7. Strukturelle Komponenten

8. Anmerkungen

Literaturverzeichnis

1. Einleitung

Die in der Folge beschriebene Studie „Awarness of Dying“ (1965), deutsch „Interaktion mit Sterbenden“ (1974) von Barney G. Glaser und Anselm L. Strauss basiert auf dem Wissen der Soziologen, dass der Anteil der älteren Bevölkerung in Amerika steigt. Forscher gehen davon aus, dass sich aufgrund dessen „zahlreiche persönliche und soziale Fragen [ergeben], darunter nicht zuletzt, wie diese Menschen sich auf die neue Langlebigkeit (…) und auf den Tod einstellen.“ (Glaser & Strauss 1974, S. 5) Fragen über Tod und Sterben werden allgemein erörtert.
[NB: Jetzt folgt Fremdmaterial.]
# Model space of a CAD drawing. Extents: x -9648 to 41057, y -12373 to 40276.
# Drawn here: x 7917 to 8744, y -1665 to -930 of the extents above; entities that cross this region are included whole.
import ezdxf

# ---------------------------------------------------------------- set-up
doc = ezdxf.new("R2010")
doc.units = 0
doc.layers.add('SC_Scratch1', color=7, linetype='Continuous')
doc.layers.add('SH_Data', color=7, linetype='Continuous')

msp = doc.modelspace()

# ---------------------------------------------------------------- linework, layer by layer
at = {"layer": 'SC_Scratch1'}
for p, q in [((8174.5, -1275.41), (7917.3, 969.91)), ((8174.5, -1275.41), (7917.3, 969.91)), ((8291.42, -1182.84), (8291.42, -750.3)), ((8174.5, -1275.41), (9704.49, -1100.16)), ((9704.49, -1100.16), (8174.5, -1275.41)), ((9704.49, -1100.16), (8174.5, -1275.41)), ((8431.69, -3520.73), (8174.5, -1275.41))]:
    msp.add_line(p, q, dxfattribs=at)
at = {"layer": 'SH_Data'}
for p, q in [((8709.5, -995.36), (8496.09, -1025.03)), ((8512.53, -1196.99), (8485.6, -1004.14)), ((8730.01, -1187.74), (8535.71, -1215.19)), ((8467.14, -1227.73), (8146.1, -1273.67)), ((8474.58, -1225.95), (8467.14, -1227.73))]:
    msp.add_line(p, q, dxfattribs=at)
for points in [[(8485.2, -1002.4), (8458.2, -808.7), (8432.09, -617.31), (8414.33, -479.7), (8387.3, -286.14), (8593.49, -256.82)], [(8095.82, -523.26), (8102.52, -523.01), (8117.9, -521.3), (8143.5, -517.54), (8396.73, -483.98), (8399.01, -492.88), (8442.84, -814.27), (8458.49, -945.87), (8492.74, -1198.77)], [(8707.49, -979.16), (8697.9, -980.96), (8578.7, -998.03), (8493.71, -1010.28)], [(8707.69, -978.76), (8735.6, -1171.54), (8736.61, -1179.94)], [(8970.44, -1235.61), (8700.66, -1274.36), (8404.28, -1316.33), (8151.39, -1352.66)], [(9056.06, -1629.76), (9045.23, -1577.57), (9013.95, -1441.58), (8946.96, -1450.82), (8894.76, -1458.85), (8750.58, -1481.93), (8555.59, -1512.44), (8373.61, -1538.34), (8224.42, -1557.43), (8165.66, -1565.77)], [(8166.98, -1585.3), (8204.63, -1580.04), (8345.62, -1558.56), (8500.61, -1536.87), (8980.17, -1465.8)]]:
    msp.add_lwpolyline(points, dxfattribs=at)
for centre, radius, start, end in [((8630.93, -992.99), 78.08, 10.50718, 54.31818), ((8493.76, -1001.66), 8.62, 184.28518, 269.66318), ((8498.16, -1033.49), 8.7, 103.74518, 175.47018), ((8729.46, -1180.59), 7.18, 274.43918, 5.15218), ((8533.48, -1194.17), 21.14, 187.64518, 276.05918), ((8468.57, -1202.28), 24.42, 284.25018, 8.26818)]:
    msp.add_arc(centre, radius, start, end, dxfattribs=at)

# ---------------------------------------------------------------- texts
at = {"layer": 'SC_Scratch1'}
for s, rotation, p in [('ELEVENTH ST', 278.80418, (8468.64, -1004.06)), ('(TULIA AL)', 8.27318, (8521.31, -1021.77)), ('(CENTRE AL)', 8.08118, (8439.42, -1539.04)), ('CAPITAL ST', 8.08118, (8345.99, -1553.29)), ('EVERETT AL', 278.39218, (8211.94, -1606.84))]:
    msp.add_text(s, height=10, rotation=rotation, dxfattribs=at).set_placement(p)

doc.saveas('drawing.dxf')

Diesen Trend beabsichtigten Barney G. Glaser und Anselm L. Strauss mittels ihrer Studie zu fördern. Zudem möchten sie einen Beitrag leisten, „das Sterben für den Patienten, seine Angehörigen und das Krankenhauspersonal durch Vernunft und Mitleid zu erleichtern.“ (Glaser & Strauss 1974, S. 5)

Die Forscher Glaser und Strauss sind bewusst in Krankenhäuser gegangen, um dort ihre Feldstudien (Interviews und Beobachtungen) durchzuführen, da sie wussten, dass immer mehr Amerikaner im Krankenhaus sterben. Sie haben sich dabei auf sechs Krankenhäuser in der Bucht von San Francisco beschränkt. Die Krankenhäuser unterschieden sich in sofern, dass dort Menschen unterschiedlicher sozialer Schichten und Einkommensklassen behandelt wurden. Darüber hinaus wählten die Forscher in jedem der einzelnen Krankenhäuser verschiedene Beobachtungspunkte aus. Zum einen gab es Stationen, auf denen die Gepflegten sehr schnell und unerwartet verstarben, auf anderen Stationen verstarben sie langsam und erwartet. Manche der Patienten wussten um den bevorstehenden Tod, andere ahnten nicht einmal davon. (Vgl. Glaser & Strauss 1974, S. 6)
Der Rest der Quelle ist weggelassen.